Sorry if I sounded like an ass dude. 

Apologies to you

AH



Hillbilly SQ said:


> Where did that come from? I was turning my nose up at RF unless they have some stuff worth owning out now. And I'm just fine with what I have. Just not that serious into car audio.


----------



## Hillbilly SQ

No problem Abram. I hope they really are returning to their former glory. I know Biggs wouldn't have signed with them if that wasn't the case.


----------



## JayinMI

Hillbilly SQ said:


> No problem Abram. I hope they really are returning to their former glory. I know Biggs wouldn't have signed with them if that wasn't the case.


What makes you think that? Did you ever see that hack-ass Subaru he built? I don't know they guy, so I'm not going to put him on a pedestal based on reputation alone. Maybe they still make crap, but pay him really well.

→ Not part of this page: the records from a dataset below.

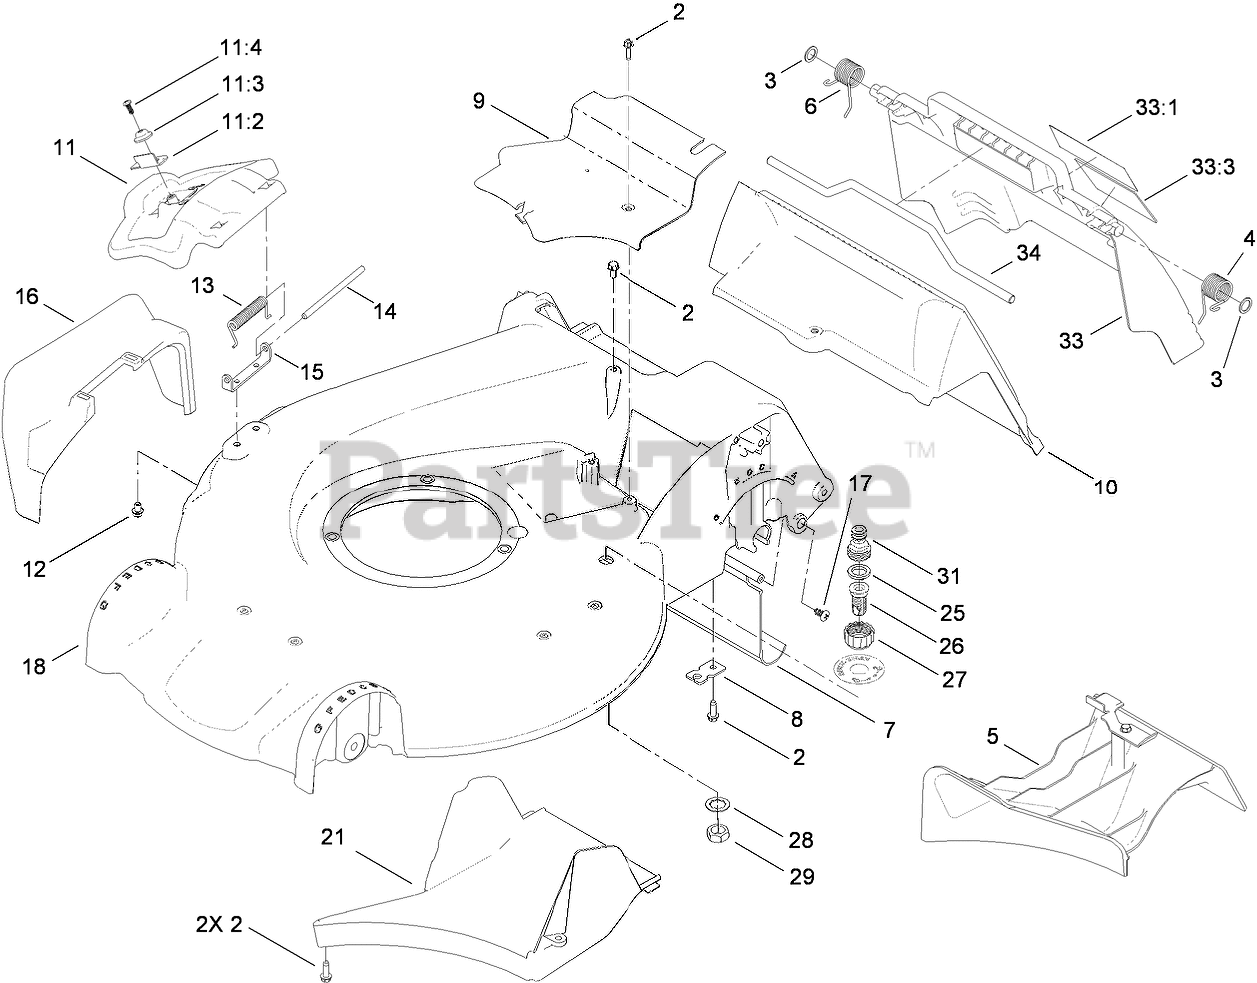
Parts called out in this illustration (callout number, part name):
2	SCREW-HWHTF
3	WASHER-NYLON
4	SPRING-TORSION
5	MULCH PLUG ASM
6	SPRING-TORSION
7	SHIELD-TRAILING
8	BRACKET-CABLE, TRACTION
9	COVER-BELT
11	DISCHARGE DOOR ASM
11:2	LATCH-DOOR
11:3	CAP-DOOR
11:4	SCREW-PLASTITE
12	SCREW-HWH
13	SPRING-TORSION
14	ROD-COVER
15	BRACKET-COVER
16	CHUTE-DISCHARGE, SIDE
17	SCREW-PTH
18	HOUSING ASM
21	TUNNEL-DISCHARGE
25	WASHER-SEAL, WASHOUT PORT
26	PORT-WASHOUT
27	COUPLING-HOSE, WASHOUT PORT
28	WASHER-TOOTH, INTERNAL
29	NUT-JAM
31	ADAPTER-CONNECT, QUICK
33	REAR DOOR ASM
33:1	DECAL-WARNING
33:3	DECAL-WARNING
34	ROD-DEFLECTOR
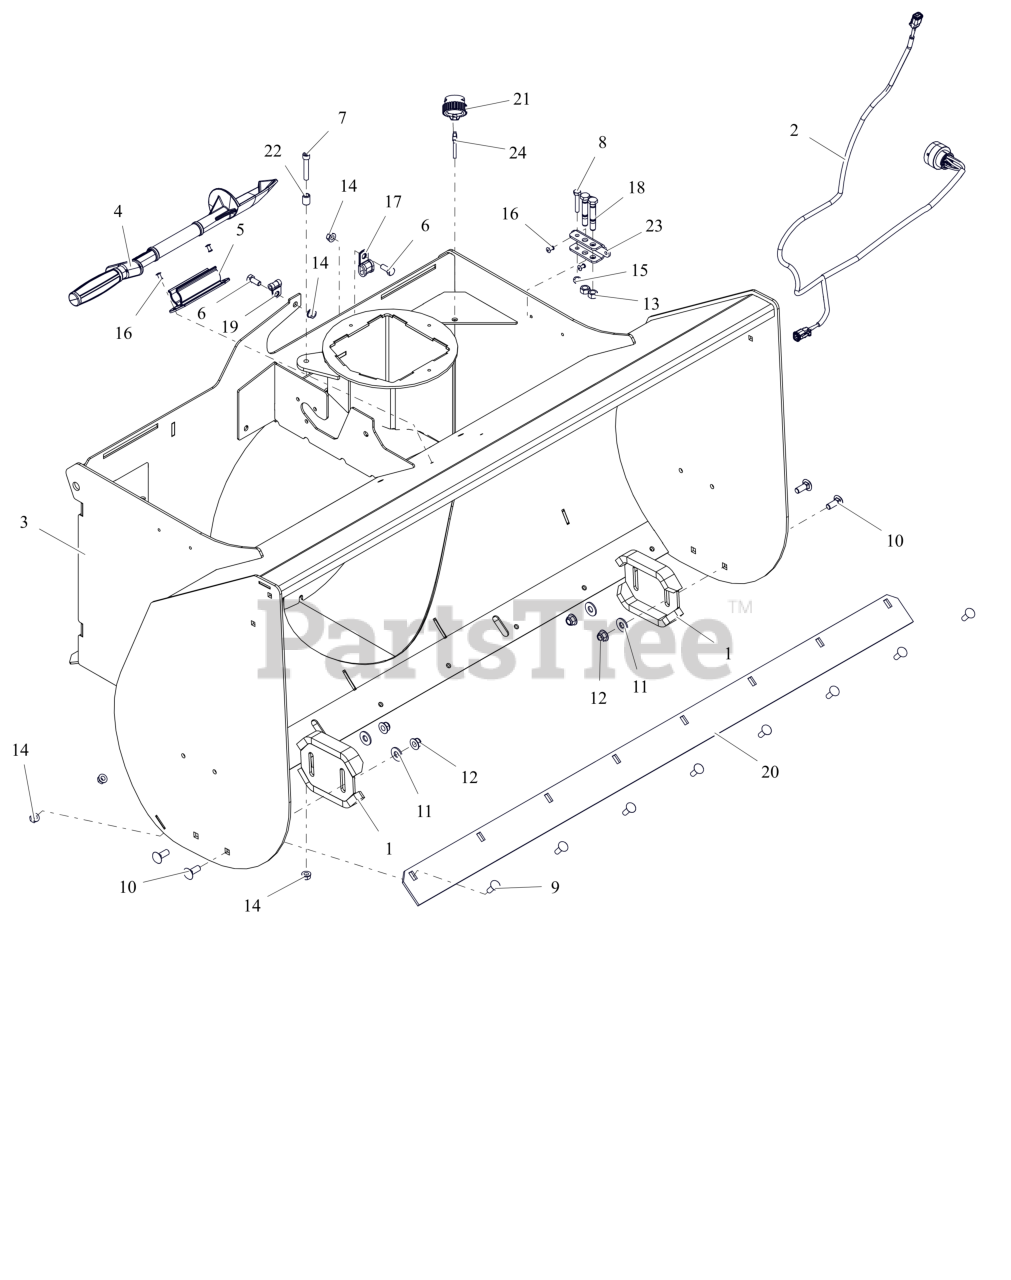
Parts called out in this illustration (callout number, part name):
1	RUNNER, SKID SHOE
2	HARNESS, BLOWER
3	WLDMT, HOUSING 48" - W/DECAL
4	DEVICE, SNOW CLEAN OUT
5	MOUNT, SNOW CLEAN OUT
6	BLT,HEX .31-18X.75 G5 ZCC
7	SCR, SKH .312-18X1.750 GR8 ZC120
8	BLT, HEX 0.25-28X1.5 G5 ZCC
9	BLT,RHSN .31-18X1.00 G5 ZCC
10	BLT, RHSN .38-16X1.00 G5 ZCC
11	WSHR,FLT .438X1.00X.083 ZCC
12	NUT,NYL-FLG .38-16 GF ZCC
13	NUT-LK-CTR .38-16 ZC120
14	NUT,LK-CTR-FLG .31-18 GF ZCC
15	NUT, NYL .25-28 ZCC
16	RVT-POP.187X.527 DOME ST
17	CLAMP, DOUBLE 5/16", 3/8" MNT
18	BOLT, SHEAR - .375-16 X 2.220
19	CLAMP, CABLE .250"
20	EDGE, CUTTING, 48" BLOWER
21	CAP, CONNECTOR - AHDC04-18
22	TUBE, ROUND .328 x .500 x .690
23	HOLDER, SHEAR BOLT - MAMMOTH

Not saying that any of this is the truth, but it *is* a possibility.

Jay


----------



## simplicityinsound

I have so much respect for Gary, he, among others, are reasons why i got into this business. i certainly wouldnt call the subaru hack-ass...if thats hackass, then i dont even know what to call the real hack stuff i see on a daily basis. I would just say its a minor project that he had to get out of the way due to work related obligations, like if my work made me build a pre-fab-like box for some random car...

From talking to a friend who recently made the move to RF as well, i have some good hopes that they are making a run to return to their former glory...i will chat with him some more this year at CES.

when i first got into car audio, RF really was a great brand...so if they can recover that magic, i would have no problem representing them.


----------



## Hillbilly SQ

The install in my truck is considered "hack-ass" by my standards but it's safe, somewhat hidden/camoflauged, functional, subs can be easily moved/removed for back seat passengers (rear floorboard is the only place to put a good sub install and have it sound right. No I'm not doing another center console build) and the whole truck can be returned to stock in about an hour if I trade on a whim like I did the past two times. Thinking about having to remove the system helps me to stand my ground and be more willing to walk if things don't go my way at the stealership.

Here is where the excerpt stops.